At 8:47 a.m., futures tracking the tech-heavy Nasdaq 100 were down 485.5 points, or 2.6%. They have fallen 20% from their all-time highs hit in December, marking a bear market.

S&P 500 e-minis were down 137.5 points, or 2.49%, and Dow E-minis fell 1,069 points, or 2.62%.

The CBOE Volatility index, known as Wall Street's fear gauge, hit its highest level since August 2024 at 38.49 points.

"We're beginning to see the inevitable retaliation from the global trade partners of the United States.
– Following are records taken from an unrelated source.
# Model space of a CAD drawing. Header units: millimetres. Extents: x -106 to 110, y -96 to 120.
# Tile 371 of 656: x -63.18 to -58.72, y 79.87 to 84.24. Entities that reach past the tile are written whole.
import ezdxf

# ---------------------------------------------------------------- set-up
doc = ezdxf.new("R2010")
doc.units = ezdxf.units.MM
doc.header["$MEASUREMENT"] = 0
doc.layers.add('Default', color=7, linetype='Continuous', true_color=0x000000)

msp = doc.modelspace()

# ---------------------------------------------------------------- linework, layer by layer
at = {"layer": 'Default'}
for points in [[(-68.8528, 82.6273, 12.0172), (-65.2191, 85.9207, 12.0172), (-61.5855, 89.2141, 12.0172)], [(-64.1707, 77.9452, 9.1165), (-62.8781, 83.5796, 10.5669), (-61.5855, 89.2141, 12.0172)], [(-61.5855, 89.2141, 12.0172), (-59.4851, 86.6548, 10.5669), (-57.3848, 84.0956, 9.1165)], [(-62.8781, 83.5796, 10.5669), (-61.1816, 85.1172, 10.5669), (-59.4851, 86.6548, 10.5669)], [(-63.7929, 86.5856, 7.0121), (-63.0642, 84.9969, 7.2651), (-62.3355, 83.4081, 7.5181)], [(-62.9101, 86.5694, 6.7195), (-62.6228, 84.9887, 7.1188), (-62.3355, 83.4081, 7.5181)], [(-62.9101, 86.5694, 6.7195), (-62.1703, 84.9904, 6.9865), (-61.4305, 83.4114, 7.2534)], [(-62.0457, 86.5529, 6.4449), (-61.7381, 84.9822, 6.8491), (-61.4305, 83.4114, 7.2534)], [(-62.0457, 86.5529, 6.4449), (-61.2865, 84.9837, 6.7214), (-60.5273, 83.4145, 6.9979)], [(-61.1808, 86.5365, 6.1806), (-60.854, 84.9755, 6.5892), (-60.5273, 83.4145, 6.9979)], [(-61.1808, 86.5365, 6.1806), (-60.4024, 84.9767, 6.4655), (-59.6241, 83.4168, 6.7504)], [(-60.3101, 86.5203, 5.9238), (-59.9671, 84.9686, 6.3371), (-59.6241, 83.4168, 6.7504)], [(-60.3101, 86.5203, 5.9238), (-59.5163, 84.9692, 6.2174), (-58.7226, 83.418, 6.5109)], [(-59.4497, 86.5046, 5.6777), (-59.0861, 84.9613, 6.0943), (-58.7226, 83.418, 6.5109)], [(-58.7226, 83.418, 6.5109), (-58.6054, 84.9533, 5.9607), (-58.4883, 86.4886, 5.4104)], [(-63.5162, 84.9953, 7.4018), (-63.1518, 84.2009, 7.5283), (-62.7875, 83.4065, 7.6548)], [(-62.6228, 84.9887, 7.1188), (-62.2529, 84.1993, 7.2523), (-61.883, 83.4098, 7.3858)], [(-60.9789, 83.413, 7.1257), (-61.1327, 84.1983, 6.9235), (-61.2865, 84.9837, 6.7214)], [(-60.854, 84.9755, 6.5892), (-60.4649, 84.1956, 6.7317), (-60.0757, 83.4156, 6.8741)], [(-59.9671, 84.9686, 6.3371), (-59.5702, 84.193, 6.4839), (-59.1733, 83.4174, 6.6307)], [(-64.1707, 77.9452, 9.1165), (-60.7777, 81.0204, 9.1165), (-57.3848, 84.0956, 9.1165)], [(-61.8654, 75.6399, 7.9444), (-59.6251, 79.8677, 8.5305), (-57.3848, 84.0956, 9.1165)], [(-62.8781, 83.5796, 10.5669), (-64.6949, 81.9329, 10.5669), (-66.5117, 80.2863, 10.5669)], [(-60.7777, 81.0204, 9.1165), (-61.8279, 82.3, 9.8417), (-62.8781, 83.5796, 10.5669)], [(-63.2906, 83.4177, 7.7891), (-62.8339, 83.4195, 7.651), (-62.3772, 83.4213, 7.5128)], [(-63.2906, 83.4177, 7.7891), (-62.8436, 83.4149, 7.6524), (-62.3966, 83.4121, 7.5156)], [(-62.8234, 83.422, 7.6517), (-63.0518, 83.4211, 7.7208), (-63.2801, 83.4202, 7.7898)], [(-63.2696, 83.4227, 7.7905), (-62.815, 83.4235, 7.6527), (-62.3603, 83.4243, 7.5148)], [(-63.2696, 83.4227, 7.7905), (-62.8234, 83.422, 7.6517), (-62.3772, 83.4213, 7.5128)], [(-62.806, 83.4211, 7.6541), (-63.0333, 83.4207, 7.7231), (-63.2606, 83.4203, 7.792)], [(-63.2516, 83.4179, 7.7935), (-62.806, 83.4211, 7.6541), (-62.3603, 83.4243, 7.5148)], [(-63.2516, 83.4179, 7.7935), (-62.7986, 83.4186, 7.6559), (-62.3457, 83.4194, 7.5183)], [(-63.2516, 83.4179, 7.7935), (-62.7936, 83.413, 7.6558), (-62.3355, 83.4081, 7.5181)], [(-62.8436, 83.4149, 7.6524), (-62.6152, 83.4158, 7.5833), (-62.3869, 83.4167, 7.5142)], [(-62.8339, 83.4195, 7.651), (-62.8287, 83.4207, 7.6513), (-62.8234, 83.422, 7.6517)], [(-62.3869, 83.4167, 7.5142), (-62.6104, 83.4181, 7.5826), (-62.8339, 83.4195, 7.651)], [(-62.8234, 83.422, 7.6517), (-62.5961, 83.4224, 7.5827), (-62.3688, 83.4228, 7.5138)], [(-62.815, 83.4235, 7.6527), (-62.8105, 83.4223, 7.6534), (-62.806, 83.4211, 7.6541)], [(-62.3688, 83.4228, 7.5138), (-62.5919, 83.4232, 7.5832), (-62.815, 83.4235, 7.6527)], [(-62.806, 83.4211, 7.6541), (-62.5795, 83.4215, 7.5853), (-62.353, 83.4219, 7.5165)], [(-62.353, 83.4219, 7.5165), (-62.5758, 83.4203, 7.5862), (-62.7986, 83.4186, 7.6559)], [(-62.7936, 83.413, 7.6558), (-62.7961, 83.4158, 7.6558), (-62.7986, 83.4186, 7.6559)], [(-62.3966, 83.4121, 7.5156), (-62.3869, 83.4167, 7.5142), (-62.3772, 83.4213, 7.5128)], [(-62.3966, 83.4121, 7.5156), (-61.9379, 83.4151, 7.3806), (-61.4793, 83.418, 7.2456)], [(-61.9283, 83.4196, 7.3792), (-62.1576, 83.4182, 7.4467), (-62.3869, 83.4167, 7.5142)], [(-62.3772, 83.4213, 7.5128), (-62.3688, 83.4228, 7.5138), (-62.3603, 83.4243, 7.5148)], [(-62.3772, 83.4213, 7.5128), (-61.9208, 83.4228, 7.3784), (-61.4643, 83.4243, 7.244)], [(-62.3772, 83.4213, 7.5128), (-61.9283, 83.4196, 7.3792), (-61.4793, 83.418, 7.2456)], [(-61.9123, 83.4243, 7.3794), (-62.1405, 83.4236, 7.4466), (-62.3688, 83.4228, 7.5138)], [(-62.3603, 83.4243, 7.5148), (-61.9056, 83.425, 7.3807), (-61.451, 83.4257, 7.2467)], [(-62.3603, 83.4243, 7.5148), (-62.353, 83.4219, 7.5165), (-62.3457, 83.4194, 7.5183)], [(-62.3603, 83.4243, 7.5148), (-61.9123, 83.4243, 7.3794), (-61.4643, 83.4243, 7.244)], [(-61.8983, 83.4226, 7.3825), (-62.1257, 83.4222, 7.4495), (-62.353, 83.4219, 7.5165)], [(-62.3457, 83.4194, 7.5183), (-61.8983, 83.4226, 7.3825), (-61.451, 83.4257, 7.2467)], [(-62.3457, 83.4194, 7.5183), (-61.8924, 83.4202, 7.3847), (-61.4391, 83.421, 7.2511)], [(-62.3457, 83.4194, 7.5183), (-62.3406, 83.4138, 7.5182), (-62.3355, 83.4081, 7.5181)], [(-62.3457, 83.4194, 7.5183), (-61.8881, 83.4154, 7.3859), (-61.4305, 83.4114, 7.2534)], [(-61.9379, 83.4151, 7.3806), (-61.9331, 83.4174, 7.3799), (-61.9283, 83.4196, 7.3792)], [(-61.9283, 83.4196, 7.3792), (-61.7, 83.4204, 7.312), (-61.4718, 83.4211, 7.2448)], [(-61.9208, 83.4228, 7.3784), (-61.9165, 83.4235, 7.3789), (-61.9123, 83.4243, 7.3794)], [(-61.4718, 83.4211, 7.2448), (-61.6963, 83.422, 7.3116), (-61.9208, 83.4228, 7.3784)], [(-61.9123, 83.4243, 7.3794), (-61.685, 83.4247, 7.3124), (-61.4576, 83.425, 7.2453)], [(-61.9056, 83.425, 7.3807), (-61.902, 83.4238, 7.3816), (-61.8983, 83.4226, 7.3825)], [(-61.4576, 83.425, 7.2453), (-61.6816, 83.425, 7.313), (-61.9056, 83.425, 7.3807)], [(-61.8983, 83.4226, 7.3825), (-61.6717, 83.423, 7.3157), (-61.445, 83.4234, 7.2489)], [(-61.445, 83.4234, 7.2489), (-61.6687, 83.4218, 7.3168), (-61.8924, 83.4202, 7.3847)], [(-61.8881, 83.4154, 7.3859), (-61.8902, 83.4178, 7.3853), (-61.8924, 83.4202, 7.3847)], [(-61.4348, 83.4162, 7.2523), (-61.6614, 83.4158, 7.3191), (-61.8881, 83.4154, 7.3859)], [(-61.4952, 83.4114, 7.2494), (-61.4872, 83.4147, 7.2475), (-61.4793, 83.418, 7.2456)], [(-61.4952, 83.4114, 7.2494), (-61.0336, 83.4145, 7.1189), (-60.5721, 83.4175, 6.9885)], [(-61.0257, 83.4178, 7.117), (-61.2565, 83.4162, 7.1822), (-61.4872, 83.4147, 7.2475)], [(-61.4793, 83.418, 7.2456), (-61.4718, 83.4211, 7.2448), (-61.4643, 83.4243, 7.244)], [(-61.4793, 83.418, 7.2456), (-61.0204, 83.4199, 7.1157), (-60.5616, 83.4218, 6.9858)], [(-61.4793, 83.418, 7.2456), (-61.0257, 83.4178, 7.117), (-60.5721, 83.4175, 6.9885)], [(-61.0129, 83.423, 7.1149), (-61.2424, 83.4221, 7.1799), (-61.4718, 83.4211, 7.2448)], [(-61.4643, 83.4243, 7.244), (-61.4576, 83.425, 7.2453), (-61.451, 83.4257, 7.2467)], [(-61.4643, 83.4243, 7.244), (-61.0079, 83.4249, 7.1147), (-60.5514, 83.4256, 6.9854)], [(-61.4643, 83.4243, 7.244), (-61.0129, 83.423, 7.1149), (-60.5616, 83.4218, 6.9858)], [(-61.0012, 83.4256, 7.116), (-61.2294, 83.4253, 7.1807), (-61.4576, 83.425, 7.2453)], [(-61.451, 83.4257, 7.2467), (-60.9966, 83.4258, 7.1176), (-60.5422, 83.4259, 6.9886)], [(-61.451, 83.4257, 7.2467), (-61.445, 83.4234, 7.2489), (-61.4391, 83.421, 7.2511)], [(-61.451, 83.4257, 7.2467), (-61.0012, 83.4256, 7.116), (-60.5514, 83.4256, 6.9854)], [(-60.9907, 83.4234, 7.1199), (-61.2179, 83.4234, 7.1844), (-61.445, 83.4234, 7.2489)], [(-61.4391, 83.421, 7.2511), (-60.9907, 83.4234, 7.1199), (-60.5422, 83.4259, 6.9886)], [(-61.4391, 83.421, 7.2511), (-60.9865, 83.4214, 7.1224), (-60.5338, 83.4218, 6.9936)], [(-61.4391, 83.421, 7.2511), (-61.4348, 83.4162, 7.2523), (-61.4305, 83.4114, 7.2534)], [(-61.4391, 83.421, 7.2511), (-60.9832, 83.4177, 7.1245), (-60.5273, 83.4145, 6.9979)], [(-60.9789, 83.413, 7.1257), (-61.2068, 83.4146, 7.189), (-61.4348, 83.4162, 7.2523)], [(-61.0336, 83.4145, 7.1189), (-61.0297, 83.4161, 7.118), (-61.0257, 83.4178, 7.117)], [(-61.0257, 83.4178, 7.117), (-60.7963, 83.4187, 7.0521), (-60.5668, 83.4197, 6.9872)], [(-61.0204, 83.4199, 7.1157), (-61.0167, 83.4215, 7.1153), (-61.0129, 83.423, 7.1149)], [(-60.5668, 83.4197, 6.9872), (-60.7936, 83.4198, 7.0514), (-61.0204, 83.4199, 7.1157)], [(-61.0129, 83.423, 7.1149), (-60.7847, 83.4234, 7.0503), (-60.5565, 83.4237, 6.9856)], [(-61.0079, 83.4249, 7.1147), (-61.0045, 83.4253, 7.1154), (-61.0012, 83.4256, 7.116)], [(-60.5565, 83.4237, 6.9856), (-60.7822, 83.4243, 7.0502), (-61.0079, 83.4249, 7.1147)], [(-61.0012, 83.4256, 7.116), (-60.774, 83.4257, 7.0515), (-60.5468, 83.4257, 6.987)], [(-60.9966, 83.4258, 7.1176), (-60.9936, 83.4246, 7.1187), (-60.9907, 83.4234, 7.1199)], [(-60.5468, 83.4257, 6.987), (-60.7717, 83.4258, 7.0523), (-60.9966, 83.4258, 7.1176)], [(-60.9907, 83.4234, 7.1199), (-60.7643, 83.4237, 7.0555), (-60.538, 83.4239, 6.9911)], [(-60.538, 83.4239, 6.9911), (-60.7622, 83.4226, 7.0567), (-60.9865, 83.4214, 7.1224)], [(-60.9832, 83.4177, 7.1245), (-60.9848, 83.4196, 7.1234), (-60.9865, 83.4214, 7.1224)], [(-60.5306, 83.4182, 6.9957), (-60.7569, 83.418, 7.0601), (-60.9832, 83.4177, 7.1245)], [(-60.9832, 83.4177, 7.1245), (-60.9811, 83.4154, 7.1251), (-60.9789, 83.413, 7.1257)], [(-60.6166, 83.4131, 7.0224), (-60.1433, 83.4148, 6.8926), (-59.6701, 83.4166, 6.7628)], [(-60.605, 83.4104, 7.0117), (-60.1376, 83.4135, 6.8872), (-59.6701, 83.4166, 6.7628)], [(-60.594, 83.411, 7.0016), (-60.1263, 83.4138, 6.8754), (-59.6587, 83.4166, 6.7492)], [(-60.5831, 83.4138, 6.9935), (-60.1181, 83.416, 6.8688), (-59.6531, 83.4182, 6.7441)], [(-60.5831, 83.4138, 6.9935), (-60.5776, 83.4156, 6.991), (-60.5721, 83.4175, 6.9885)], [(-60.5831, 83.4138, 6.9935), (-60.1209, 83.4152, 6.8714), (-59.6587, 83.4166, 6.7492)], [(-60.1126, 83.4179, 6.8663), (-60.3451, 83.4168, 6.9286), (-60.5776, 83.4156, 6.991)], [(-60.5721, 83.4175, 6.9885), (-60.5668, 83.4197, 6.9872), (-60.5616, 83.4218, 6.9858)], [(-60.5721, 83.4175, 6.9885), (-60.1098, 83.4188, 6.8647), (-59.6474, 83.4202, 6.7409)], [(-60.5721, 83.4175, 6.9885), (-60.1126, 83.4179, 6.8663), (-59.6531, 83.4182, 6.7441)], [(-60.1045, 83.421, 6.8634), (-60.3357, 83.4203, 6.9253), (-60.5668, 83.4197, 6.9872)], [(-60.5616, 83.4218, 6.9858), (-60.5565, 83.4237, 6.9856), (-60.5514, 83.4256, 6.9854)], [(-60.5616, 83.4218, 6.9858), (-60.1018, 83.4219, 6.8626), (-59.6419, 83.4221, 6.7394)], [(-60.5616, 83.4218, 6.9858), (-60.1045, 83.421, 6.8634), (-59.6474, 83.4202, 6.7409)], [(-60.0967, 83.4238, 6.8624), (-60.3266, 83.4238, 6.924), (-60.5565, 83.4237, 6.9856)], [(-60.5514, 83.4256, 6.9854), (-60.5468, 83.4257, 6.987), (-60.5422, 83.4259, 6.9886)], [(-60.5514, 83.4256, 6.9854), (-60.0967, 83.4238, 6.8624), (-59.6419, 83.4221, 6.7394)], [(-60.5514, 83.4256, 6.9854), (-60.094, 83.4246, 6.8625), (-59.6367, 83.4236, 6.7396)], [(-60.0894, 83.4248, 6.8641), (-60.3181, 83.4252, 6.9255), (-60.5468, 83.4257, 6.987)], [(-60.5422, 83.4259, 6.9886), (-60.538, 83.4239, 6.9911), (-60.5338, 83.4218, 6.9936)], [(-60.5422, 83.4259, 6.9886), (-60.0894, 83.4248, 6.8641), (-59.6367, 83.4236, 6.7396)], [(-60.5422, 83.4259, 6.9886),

The risk is that this tips a recession scare into a full-blown recession," said Ben Laidler, head of equity strategy at Bradesco BBI.

Companies with exposure to China fell across the board, with mega-caps such as Apple ( AAPL ) falling 4.7%. Nvidia ( NVDA ) lost 3.4% and Amazon.com lost 6%.

The benchmark S&P 500 dropped 4.8% on Thursday, its largest one-day percentage decline since June 2020, after Trump imposed a 10% tariff on most imports into the United States and much higher levies on dozens of other countries.

The tech-heavy Nasdaq closed down 6% in the prior session, its biggest one-day drop since the height of the pandemic-fueled selloff in March 2020.

U.S. bank stocks dropped further on Friday, with the sector under pressure globally as investors anticipated more interest rate cuts from central banks and a hit to economic growth from tariffs.

Bank of America ( BAC ), JPMorgan Chase ( JPM ) and Citigroup ( C/PN ) all fell around 5% each. The yield on the benchmark 10-year Treasury notes was down to a six-month low of 3.936%.

A Labor Department report showed the U.S. economy added far more jobs than expected in March but Trump's sweeping import tariffs could test the labor market's resilience in the months ahead amid sagging business confidence.

Nonfarm payrolls increased by 228,000 jobs last month after a downwardly revised 117,000 rise in February. Economists had forecast payrolls advancing by 135,000 jobs.

Focus will also be on Fed Chair Jerome Powell's speech at 11:25 a.m. ET for clues on the path of interest rates.

Traders continued to anticipate a more accommodative policy from the U.S. central bank, with money market futures pricing in cumulative rate cuts of 110 basis points by the end of this year, compared with about 75 bps a week earlier.

"Looking at cross-asset reactions, the market is actually pricing in the real risk of a recession here," Laidler said.